▸ EXERCISE BRIEF: Which lines of the data hold the word "CIRCLE"? Copy all of them.

Recorded data

=== Section Start ===

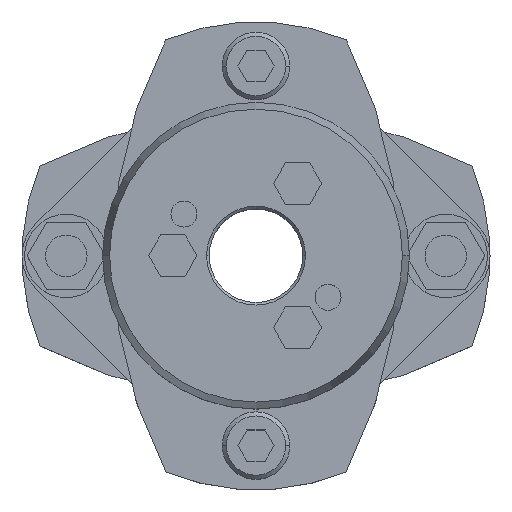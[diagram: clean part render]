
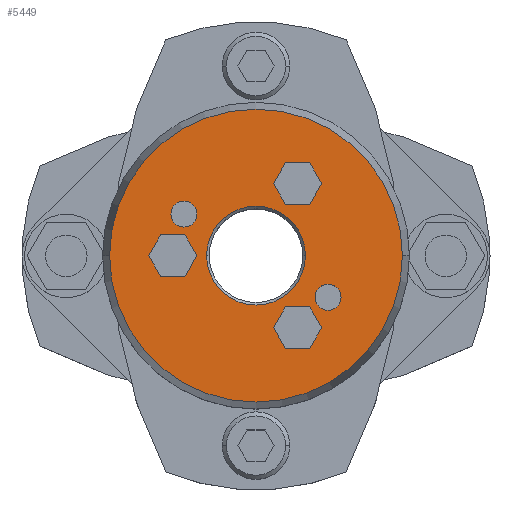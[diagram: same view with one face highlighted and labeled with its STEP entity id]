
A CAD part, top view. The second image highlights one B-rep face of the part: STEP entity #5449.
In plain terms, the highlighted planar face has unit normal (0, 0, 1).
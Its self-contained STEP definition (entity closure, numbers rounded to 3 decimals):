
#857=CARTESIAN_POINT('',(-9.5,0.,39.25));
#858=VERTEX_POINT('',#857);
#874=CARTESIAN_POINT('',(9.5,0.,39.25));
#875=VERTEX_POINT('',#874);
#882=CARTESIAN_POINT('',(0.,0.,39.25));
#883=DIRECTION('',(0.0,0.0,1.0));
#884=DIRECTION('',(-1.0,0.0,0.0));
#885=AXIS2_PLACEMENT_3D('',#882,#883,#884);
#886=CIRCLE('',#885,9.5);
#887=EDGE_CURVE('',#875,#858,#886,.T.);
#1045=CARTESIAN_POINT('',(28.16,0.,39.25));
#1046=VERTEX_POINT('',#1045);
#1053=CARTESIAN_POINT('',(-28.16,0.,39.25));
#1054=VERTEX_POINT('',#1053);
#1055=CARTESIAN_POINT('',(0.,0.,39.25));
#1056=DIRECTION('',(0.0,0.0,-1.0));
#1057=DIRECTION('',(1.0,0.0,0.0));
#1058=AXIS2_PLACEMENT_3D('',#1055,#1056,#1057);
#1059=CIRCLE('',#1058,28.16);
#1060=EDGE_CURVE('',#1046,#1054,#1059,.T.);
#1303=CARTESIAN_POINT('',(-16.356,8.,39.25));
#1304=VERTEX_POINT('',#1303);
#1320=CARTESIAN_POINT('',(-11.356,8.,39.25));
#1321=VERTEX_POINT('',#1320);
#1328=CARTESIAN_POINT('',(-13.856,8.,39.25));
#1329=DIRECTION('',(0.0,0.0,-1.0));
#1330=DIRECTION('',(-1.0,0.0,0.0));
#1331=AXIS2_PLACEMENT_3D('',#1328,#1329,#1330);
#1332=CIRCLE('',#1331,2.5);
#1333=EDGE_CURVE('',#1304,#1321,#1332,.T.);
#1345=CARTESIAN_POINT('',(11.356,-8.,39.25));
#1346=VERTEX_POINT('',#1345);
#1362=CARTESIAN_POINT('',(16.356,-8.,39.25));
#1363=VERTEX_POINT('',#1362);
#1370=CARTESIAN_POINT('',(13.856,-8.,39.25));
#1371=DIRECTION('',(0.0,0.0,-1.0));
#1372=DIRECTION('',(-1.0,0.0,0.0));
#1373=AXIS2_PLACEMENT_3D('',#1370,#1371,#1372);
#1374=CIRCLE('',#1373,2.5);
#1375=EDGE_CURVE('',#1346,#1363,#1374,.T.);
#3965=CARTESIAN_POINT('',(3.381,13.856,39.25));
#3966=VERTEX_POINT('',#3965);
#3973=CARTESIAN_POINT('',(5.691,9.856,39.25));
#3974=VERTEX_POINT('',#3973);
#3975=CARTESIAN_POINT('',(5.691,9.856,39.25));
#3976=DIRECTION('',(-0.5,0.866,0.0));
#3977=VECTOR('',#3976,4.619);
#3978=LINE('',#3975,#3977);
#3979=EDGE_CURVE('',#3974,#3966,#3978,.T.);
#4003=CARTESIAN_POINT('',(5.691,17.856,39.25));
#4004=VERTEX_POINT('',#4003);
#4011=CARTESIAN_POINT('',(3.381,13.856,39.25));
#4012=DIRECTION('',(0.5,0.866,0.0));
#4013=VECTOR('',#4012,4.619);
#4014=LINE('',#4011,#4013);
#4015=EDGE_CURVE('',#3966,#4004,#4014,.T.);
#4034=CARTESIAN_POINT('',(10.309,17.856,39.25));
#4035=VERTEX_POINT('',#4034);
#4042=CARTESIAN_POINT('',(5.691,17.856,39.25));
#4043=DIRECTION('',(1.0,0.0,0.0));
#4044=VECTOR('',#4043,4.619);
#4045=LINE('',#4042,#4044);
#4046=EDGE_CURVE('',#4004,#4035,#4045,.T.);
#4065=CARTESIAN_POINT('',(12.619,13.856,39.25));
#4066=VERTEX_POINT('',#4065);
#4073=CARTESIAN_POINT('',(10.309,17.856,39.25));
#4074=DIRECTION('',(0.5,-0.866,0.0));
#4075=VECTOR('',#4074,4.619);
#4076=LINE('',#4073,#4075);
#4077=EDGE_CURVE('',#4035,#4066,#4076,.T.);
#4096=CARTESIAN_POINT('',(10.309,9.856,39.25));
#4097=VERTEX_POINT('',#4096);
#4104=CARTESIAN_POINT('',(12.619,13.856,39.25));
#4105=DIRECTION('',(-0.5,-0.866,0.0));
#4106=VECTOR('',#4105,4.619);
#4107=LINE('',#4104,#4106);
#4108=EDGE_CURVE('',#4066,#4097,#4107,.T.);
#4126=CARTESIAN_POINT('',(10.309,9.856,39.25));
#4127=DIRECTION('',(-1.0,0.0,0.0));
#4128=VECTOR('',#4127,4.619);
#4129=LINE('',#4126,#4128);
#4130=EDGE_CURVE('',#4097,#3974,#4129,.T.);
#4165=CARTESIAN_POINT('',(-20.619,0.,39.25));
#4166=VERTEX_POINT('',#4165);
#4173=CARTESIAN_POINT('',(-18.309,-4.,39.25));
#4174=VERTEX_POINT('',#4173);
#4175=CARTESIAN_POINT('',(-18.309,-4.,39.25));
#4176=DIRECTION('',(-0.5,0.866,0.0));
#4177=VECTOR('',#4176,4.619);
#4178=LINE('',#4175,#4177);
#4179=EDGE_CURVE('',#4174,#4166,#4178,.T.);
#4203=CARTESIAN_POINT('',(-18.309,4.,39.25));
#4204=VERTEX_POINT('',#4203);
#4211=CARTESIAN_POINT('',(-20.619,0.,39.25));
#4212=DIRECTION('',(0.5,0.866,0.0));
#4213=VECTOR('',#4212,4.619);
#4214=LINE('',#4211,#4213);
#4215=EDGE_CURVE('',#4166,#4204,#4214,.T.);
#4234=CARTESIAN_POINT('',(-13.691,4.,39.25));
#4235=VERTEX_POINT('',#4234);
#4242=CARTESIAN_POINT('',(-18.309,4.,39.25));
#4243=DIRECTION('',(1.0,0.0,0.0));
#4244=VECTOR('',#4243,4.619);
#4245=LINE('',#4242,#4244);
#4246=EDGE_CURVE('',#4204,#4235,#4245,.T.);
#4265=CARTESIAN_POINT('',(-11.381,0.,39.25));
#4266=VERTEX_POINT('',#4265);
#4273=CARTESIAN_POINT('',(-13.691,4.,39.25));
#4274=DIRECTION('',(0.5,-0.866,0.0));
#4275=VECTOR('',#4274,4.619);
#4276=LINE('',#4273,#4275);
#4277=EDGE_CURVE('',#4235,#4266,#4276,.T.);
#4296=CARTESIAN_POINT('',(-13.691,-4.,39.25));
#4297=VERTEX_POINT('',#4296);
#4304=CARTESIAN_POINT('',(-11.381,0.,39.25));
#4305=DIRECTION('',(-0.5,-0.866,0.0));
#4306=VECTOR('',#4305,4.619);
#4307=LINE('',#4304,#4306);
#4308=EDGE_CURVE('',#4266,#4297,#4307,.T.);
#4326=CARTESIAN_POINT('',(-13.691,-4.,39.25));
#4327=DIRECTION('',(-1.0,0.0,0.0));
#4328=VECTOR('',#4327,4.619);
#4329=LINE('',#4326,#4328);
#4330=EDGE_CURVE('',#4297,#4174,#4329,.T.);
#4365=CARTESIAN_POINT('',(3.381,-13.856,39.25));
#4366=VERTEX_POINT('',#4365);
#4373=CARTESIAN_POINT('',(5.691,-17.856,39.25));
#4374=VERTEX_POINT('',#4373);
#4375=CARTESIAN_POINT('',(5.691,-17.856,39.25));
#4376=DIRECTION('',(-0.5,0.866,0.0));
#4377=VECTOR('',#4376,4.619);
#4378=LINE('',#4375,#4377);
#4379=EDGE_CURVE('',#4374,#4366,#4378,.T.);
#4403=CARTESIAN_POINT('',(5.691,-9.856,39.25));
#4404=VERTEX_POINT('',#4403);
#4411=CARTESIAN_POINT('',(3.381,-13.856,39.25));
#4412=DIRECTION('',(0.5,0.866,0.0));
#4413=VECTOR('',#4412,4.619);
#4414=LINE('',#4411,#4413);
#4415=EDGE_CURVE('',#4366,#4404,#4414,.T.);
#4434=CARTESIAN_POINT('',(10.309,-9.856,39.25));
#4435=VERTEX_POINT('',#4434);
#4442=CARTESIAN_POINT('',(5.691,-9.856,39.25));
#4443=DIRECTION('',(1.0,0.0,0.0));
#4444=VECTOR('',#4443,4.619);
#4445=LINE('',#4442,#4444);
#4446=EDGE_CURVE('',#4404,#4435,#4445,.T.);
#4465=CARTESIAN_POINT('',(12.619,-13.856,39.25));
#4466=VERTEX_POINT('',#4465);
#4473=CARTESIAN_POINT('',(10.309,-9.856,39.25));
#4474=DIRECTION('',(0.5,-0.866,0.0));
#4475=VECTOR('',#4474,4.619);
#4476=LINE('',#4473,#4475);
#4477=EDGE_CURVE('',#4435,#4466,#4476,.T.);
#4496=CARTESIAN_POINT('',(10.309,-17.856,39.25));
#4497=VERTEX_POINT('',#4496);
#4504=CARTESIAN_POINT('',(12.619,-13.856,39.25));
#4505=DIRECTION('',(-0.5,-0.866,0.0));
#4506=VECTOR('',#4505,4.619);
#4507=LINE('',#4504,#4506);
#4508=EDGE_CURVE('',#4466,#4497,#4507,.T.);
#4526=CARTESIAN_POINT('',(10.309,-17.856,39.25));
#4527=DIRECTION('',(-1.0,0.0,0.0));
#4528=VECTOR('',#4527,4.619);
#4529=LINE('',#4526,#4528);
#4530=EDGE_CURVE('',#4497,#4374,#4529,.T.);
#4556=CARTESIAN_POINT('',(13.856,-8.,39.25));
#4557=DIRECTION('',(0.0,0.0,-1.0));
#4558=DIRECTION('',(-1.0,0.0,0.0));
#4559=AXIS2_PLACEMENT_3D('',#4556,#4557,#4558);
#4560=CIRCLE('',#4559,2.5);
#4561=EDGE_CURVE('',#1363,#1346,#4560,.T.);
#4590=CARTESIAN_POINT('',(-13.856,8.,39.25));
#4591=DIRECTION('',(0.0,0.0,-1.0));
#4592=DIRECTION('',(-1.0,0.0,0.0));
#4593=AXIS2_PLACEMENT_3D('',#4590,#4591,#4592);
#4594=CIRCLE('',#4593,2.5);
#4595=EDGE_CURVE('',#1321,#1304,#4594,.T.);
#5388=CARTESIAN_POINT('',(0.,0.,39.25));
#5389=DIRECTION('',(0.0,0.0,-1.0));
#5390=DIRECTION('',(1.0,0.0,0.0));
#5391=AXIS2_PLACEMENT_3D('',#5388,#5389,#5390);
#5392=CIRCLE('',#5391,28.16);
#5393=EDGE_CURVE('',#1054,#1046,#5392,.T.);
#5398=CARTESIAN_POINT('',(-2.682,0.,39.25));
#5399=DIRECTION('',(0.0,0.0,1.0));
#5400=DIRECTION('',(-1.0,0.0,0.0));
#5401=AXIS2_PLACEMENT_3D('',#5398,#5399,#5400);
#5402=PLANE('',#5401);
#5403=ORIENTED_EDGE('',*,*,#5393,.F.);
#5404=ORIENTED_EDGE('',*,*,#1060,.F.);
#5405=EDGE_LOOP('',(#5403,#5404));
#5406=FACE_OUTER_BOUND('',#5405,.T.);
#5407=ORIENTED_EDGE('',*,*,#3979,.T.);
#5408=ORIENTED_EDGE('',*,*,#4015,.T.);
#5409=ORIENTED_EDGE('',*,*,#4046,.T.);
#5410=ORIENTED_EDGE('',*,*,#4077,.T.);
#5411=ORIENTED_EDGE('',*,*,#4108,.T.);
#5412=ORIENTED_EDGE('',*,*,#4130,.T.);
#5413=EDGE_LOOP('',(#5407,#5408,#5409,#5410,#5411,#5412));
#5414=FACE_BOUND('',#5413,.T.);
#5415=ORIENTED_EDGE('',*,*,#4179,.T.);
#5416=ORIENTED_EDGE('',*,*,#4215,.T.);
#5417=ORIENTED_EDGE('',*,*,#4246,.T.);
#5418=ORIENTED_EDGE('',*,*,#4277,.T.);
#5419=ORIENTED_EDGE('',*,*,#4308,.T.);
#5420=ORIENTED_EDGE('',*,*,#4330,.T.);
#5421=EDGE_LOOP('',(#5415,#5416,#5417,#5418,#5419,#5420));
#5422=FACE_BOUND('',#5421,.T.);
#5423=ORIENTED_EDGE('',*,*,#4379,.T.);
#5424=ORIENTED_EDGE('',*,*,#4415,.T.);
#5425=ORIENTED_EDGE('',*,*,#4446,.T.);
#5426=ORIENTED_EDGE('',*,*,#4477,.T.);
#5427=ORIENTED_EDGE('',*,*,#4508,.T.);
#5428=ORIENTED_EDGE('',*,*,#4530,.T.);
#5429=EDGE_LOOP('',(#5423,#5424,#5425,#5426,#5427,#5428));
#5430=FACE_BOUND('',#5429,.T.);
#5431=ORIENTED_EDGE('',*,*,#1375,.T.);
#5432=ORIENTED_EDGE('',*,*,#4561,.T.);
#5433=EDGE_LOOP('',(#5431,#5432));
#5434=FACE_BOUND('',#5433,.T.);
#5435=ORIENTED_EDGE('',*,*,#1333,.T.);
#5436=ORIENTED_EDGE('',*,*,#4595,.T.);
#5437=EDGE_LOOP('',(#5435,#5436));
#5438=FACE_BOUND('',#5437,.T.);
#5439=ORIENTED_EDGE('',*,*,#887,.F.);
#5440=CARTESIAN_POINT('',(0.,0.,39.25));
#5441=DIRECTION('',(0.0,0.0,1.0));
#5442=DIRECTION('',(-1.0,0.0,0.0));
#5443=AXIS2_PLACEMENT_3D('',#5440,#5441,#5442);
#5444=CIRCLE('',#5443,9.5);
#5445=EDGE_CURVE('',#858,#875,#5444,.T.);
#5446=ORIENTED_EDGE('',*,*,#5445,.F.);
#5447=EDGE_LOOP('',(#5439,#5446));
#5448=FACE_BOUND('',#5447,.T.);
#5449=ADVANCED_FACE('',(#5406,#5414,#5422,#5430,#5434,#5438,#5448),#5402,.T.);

=== Section End ===

▸ SOLUTION TO THIS TASK:
#886=CIRCLE('',#885,9.5);
#1059=CIRCLE('',#1058,28.16);
#1332=CIRCLE('',#1331,2.5);
#1374=CIRCLE('',#1373,2.5);
#4560=CIRCLE('',#4559,2.5);
#4594=CIRCLE('',#4593,2.5);
#5392=CIRCLE('',#5391,28.16);
#5444=CIRCLE('',#5443,9.5);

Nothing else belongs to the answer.